Python3 Example: Crawl the list of Taobao products __python

Source: Internet
Author: User
This example is from Taobao crawl data, the original is: http://www.cnblogs.com/nima/p/5324490.html
Because I am more concerned about the network this piece, so the article did a lot of pruning. Focus on understanding the request, cookie two modules
As for how to save the data to Excel, how to typesetting, these are completely meaningless, not the formal production environment, how beautiful do not make sense.

A lot of new modules or concepts are used this time:
Image-related library pillow,
Download Address click Open link
The original is the picture link written to excel inside, I changed after no, just download down.

Mozilla:
Often see this word. It turned out to be the Mozilla Foundation, a non-profit organization set up to support and lead the Open-source Mozilla.

Cx_freeze: Packaging tools, packaging python programs into EXE files.
Download Address: Click to open the link
The package will be studied later.

The contents of the cookie are manipulated through the Cookiejar module, where the subclass Mozillacookiejar is used.
Cookie detailed explanation Look here click Open link
This class differs from the parent class in that it only saves and loads files.
Take a look at what's saved and split it with \ t.

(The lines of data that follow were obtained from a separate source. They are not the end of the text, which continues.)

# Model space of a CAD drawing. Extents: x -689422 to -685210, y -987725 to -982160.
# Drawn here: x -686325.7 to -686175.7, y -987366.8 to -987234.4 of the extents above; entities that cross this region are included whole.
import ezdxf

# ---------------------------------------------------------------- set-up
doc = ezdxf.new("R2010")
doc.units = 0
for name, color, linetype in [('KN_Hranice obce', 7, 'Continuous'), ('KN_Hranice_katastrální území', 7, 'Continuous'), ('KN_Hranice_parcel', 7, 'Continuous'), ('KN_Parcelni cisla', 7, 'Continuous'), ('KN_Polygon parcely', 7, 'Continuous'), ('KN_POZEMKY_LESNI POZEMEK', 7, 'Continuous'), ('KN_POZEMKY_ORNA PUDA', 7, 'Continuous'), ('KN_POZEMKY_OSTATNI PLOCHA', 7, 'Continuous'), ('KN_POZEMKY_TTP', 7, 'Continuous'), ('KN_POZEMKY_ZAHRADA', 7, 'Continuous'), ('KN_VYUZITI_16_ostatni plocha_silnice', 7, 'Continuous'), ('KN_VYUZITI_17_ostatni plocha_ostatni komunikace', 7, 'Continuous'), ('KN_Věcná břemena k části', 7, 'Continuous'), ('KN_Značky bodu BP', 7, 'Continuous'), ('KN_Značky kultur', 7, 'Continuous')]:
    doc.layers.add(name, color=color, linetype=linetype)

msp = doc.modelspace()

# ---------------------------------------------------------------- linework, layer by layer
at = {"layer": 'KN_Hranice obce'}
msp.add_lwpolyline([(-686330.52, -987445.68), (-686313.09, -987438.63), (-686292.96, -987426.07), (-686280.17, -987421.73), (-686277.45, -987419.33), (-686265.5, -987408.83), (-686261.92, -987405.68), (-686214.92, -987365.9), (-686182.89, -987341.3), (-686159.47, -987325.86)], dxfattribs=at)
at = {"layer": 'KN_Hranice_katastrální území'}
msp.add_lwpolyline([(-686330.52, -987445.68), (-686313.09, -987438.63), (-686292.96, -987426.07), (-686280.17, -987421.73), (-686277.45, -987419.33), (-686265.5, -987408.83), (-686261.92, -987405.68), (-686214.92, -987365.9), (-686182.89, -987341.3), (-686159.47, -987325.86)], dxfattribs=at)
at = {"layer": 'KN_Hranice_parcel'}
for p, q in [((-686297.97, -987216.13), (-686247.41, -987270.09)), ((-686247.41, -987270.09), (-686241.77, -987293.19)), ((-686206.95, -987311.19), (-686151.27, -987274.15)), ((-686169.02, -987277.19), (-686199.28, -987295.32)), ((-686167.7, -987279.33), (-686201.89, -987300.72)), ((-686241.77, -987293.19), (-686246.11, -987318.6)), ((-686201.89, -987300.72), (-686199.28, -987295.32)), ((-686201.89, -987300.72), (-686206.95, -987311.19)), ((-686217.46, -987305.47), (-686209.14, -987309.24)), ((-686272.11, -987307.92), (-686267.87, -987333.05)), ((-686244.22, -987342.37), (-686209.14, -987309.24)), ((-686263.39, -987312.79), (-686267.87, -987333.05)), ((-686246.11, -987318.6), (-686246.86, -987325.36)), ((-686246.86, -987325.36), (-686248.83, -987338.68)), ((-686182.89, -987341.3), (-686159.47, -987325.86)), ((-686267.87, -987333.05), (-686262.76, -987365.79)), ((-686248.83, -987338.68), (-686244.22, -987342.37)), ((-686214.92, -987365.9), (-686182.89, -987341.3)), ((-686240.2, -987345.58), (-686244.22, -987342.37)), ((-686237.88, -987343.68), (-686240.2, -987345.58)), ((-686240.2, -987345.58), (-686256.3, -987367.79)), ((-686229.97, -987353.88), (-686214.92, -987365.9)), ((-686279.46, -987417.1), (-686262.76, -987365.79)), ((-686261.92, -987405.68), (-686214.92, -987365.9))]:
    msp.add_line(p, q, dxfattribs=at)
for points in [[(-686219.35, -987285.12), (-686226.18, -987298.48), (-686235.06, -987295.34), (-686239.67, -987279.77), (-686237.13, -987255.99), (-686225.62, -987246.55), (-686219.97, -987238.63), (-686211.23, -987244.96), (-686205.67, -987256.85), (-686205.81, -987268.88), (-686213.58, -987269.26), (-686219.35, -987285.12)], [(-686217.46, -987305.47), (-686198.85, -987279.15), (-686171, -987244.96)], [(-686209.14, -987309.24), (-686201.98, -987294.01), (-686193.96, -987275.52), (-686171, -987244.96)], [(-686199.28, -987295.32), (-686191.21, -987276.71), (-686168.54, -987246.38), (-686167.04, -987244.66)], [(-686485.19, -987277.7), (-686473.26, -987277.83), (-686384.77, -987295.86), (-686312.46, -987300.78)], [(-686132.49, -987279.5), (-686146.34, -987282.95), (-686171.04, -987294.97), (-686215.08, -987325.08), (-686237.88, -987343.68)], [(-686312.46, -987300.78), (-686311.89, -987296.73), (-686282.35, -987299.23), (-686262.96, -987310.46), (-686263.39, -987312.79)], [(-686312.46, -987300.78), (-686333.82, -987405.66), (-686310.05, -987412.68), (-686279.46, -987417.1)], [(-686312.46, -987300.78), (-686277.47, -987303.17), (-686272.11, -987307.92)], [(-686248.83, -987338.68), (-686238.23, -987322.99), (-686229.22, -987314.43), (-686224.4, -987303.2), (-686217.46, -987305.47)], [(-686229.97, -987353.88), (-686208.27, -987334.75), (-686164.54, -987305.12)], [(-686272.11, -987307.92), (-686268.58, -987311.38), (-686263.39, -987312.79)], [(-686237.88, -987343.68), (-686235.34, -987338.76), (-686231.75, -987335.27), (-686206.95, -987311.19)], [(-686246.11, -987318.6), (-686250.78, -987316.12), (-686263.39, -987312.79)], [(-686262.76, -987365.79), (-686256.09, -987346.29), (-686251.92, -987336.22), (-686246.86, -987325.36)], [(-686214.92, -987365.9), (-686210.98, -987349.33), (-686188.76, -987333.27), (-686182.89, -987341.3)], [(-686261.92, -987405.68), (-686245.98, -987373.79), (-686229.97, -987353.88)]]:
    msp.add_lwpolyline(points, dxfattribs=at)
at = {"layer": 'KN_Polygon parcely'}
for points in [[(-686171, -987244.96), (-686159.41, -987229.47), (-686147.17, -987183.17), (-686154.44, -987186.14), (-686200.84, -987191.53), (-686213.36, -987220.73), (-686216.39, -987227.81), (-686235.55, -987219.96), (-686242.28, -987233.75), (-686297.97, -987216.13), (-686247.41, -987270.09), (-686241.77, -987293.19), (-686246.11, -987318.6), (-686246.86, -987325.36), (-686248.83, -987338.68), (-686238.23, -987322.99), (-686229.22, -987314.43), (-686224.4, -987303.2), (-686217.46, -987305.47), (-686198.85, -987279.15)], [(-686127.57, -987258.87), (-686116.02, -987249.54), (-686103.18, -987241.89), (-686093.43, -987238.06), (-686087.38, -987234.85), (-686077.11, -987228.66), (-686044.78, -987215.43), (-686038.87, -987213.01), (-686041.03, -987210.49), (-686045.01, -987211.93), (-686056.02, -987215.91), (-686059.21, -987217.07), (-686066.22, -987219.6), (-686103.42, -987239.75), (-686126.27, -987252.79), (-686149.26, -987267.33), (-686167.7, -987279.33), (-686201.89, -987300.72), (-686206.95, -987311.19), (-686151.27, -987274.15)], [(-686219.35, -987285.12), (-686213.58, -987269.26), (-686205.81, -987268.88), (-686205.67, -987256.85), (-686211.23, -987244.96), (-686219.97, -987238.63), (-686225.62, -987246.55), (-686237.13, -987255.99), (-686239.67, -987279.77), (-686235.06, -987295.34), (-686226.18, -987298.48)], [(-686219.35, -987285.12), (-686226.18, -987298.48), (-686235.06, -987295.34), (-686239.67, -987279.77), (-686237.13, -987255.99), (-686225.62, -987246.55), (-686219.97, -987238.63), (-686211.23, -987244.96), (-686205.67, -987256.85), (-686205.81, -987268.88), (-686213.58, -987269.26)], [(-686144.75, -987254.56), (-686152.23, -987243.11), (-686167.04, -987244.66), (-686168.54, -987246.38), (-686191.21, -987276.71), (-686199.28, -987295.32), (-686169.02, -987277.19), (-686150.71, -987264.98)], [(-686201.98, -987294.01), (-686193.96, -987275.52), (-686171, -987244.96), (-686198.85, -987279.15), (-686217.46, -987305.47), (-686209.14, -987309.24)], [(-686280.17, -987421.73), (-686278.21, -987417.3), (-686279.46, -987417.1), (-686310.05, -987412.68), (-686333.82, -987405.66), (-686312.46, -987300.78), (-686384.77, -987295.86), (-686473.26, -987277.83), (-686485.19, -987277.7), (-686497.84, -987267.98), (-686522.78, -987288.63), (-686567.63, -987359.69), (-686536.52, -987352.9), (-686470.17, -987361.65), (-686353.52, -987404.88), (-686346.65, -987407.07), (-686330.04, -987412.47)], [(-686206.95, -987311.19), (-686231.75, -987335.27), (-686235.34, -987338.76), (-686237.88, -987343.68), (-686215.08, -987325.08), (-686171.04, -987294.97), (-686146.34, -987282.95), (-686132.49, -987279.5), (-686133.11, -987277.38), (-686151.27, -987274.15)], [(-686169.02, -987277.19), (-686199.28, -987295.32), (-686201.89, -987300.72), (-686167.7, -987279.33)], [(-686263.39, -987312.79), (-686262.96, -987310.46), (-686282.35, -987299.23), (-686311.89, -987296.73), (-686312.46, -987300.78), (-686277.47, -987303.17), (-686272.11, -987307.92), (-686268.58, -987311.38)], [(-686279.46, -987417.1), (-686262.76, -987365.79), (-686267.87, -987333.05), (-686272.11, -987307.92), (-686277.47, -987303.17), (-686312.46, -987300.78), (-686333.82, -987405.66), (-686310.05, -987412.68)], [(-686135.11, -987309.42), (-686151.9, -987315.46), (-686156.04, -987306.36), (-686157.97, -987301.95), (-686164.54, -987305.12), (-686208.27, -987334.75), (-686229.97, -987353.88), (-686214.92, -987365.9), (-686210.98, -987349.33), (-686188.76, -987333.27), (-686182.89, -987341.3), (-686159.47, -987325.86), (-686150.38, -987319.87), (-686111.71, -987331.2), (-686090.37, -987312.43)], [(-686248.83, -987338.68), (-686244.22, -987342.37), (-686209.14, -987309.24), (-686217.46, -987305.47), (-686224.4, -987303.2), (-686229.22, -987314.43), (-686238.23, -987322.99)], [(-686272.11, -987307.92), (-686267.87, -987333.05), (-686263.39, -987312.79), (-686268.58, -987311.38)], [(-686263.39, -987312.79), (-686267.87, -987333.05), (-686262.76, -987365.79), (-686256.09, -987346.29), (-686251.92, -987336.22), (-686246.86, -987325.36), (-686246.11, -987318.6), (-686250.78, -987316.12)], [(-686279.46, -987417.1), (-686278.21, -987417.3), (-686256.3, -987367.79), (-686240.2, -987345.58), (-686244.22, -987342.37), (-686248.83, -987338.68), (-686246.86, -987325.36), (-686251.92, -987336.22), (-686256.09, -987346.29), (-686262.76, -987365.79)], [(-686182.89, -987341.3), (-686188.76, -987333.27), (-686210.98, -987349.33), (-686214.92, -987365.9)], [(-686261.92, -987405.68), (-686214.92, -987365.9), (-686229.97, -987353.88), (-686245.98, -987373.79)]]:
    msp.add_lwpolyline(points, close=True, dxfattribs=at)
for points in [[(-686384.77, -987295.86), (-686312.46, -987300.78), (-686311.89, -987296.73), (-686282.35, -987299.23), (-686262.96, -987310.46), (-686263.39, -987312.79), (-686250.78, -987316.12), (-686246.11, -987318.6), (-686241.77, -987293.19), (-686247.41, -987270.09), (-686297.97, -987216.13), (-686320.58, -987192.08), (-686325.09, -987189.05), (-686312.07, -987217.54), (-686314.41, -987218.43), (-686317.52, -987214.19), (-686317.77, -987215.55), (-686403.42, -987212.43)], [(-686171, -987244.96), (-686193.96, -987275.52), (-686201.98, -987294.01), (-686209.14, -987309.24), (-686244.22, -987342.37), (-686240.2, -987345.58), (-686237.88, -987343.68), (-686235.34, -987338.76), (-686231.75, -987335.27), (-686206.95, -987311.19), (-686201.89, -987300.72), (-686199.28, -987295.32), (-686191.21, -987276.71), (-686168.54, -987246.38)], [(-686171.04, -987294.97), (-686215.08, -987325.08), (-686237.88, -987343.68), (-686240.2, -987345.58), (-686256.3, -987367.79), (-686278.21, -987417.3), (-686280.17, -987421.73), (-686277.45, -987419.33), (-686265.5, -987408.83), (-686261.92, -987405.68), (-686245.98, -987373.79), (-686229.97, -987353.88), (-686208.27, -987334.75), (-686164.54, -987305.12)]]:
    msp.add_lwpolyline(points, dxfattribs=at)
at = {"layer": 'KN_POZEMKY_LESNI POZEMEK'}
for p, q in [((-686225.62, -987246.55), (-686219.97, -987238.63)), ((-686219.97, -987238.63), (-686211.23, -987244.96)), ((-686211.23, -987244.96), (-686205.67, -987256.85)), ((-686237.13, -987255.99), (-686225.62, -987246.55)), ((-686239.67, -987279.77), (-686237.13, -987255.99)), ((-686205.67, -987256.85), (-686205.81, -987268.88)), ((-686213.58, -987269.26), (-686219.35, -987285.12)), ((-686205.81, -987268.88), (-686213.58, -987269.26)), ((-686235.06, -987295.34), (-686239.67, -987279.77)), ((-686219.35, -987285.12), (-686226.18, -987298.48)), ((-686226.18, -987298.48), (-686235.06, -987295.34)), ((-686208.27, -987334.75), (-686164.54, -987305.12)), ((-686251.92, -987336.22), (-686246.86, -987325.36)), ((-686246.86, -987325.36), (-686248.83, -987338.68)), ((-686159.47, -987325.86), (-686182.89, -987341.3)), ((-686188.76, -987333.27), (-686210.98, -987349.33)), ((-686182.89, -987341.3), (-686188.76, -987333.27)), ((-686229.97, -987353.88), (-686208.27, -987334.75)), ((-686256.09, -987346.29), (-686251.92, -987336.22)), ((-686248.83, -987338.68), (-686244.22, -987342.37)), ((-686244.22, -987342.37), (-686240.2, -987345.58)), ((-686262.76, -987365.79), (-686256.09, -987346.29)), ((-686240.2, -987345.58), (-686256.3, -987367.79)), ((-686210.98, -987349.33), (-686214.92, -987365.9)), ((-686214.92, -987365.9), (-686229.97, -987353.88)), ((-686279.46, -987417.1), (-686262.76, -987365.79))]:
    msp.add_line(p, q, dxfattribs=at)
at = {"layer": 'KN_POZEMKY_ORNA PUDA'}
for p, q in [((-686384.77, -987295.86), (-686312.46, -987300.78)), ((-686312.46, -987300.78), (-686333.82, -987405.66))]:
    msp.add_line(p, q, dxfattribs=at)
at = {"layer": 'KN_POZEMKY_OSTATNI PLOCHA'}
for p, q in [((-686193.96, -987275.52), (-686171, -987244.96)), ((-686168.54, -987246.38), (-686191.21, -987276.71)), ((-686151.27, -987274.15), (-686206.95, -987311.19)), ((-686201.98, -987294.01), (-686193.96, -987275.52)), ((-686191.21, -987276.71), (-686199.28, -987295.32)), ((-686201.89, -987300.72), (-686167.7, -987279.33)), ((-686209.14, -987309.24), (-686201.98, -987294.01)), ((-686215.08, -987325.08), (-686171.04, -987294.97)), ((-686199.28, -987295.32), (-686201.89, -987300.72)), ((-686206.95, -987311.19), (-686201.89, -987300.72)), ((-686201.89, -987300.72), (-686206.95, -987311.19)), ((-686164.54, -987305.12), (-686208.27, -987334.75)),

For easy viewing, use "" Wrapped up.
Cookie.domain: "s.m.taobao.com", access to the domain name
Initial_dot: "False", the domain name is "." To start with, do some special processing.
Cookie.path: "/" as if it were a file directory
Secure: "False" safe
Expires: "" should be the expiration time
Name: "Jsessionid"
Value: "770326e8f4997185c7db2714d7569ff1"

Request
It's not a new module, but it's a detailed understanding.

Click to open the link


Let's say the specific code

1. Here is the mobile phone Taobao page, access to information incredibly is JSON.

2. The core of the code is downloading Web pages from the Web. Because Taobao may have an anti crawler, it is necessary to use cookies to build the head. Try to disguise yourself as a browser.

3. Write the content to Excel. It doesn't matter how it's written. There's nothing to look at anyway. An example of an exercise is always downloading data.

But one step from data to information is a business secret. So there is no more data to be converted into information, and ultimately it's just practice.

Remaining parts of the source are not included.